For some time, there has been concern over sodium-glucose transport-2 (SGLT-2) inhibitors such as Invokana (canagliflozin), Farxiga (dapagliflozin) and Jardiance (empagliflozin), and whether these prescription medications increase a patient's risk of certain types of cancer. A new study published this month in the journal Diabetology shows that SGLT-2 inhibitors do not necessarily increase a patient's cancer risk.
In 2014, a study appearing in the International Journal of Endocrinology found evidence to suggest that the SGLT receptor itself may be involved in glucose uptake process for a number of cancers. The connection between cancer and sugar has been known since the 1920s, although it only has been recently that scientists have started to understand exactly how sugar is involved in the growth of malignant tumors.
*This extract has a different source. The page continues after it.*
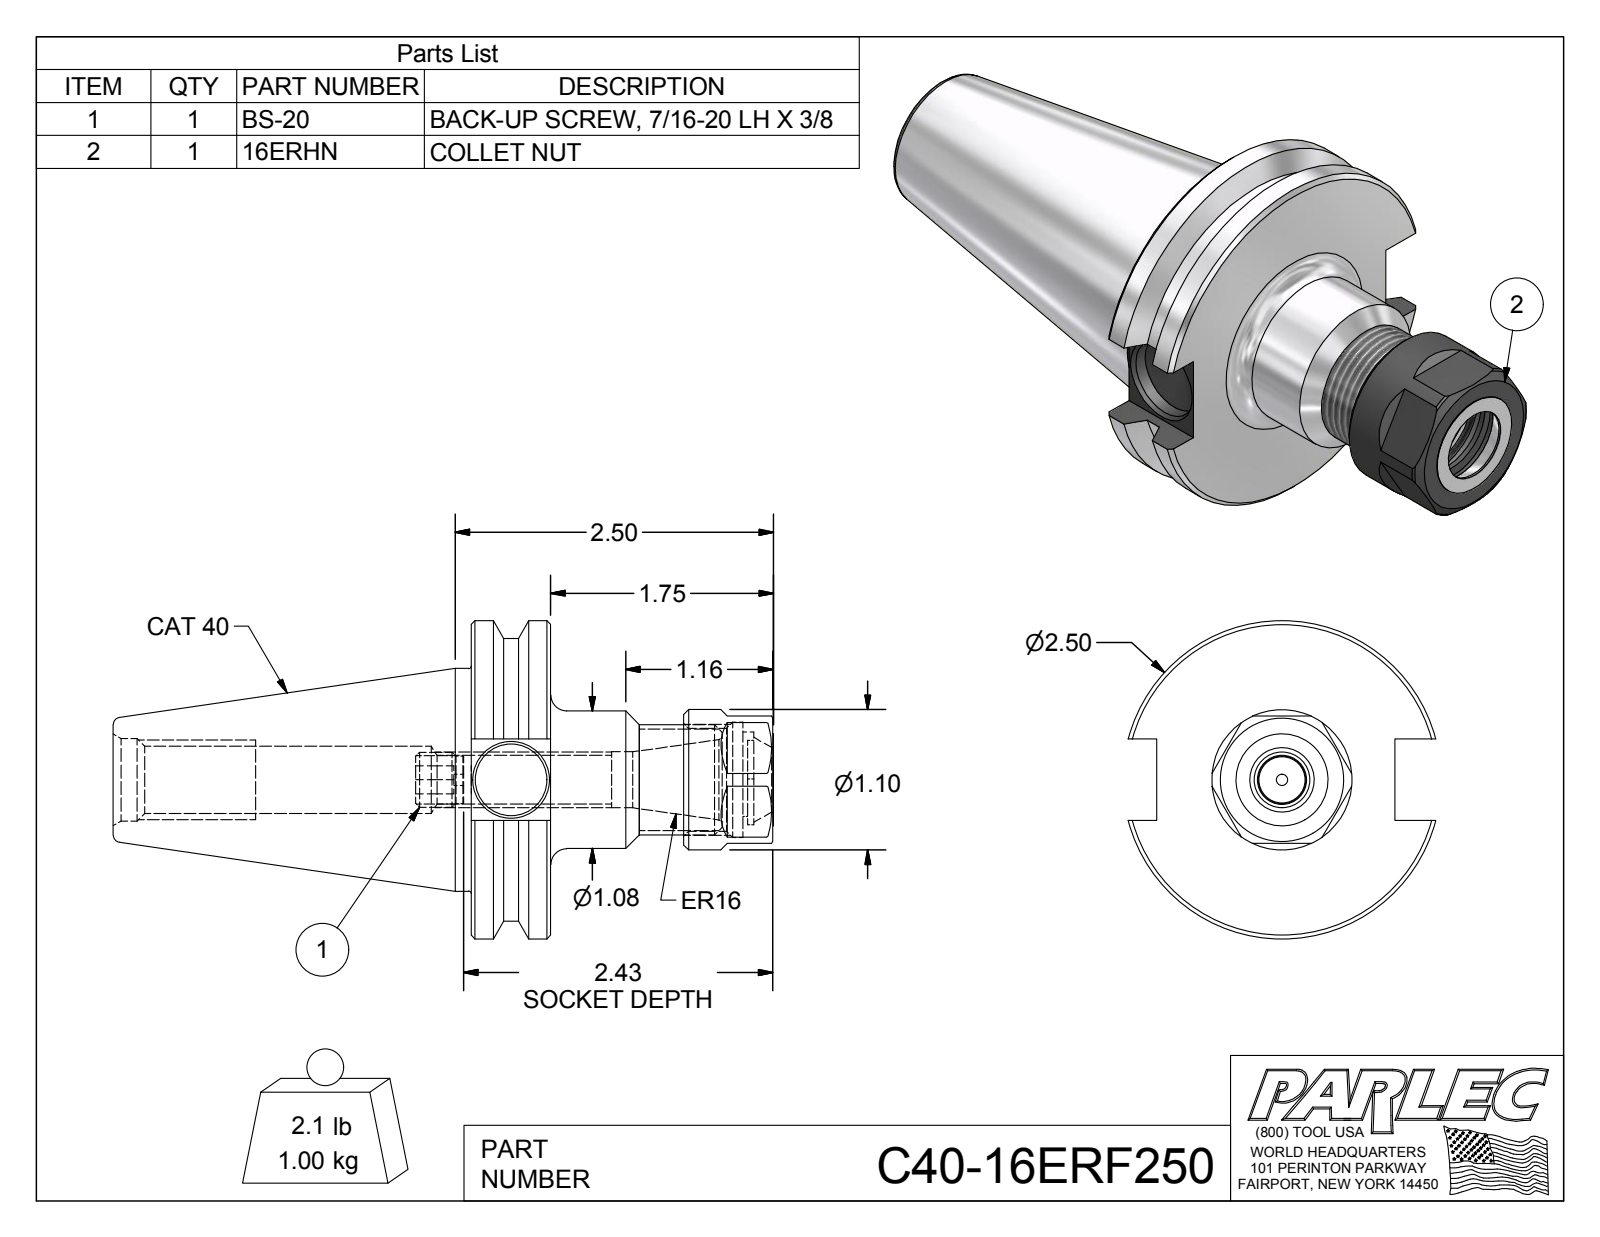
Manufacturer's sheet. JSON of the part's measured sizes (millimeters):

SGLT-2 inhibitors, also known as gliflozin drugs, do increase the risk of urinary tract infections, which in turn may increase the risk of bladder cancer. However, people suffering from diabetes already run a higher risk of developing bladder cancer, so the link between gliflozins and the disease has not been entirely clear. An analysis of data from 2014 indicated that patients using SGLT-2 inhibitors were simply being diagnosed earlier and more effectively, since such patients undergo more frequent urinalysis.
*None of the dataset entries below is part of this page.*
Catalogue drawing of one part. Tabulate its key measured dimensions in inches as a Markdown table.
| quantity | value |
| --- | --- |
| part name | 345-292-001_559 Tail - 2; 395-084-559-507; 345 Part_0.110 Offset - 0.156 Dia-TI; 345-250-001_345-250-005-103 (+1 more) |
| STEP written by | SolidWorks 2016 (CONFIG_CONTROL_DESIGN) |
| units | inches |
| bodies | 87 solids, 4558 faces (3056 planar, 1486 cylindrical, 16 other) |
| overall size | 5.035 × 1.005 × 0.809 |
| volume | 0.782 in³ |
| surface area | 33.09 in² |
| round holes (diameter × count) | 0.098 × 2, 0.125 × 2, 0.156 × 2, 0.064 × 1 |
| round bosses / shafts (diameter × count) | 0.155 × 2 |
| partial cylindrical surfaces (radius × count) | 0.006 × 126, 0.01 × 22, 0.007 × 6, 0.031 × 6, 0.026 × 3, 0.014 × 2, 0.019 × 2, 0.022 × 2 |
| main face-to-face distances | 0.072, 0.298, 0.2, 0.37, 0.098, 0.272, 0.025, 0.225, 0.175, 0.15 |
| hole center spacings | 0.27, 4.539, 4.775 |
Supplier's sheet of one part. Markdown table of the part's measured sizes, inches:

The current study was a meta analysis of all randomized clinical trials involving the three gliflozin drugs. Researchers examined records of over 35,500 patients, 580 of whom were suffering melanomas as well as cancer of the bladder, breast and prostate. While there appeared to be a higher rate of cancer among patients who took SGLT-2 inhibitors, the difference was deemed to be statistically insignificant.
Epidemiologist Dr. Yiquing Song, one of the researchers, said, “Our study provides the latest evidence about the association between use of SGLT2 inhibitors and risk of cancer and will help physicians and patients to better understand the risk when choosing these drugs.” However, he cautioned that more study is required in order to understand the relationship between gliflozin drugs and cancer risk. He added, “Given rapidly increasing use of SGLT2 inhibitors, it is our hope that long-term safety of its use be carefully monitored in future clinical trials and real-world settings.”
While this information may come as a relief to those taking Invokana or other drugs of the gliflozin class, the fact remains that Invokana is still known to put patients at a higher risk of diabetic-related amputations, ketoacidosis and pancreatitis. In many cases, these injuries occur after only a few weeks or months taking the drug. Current lawsuits against drugmaker Janssen Pharmaceuticals and parent company Johnson & Johnson allege that the manufacturers were aware of these risks and concealed this information from the FDA and the public.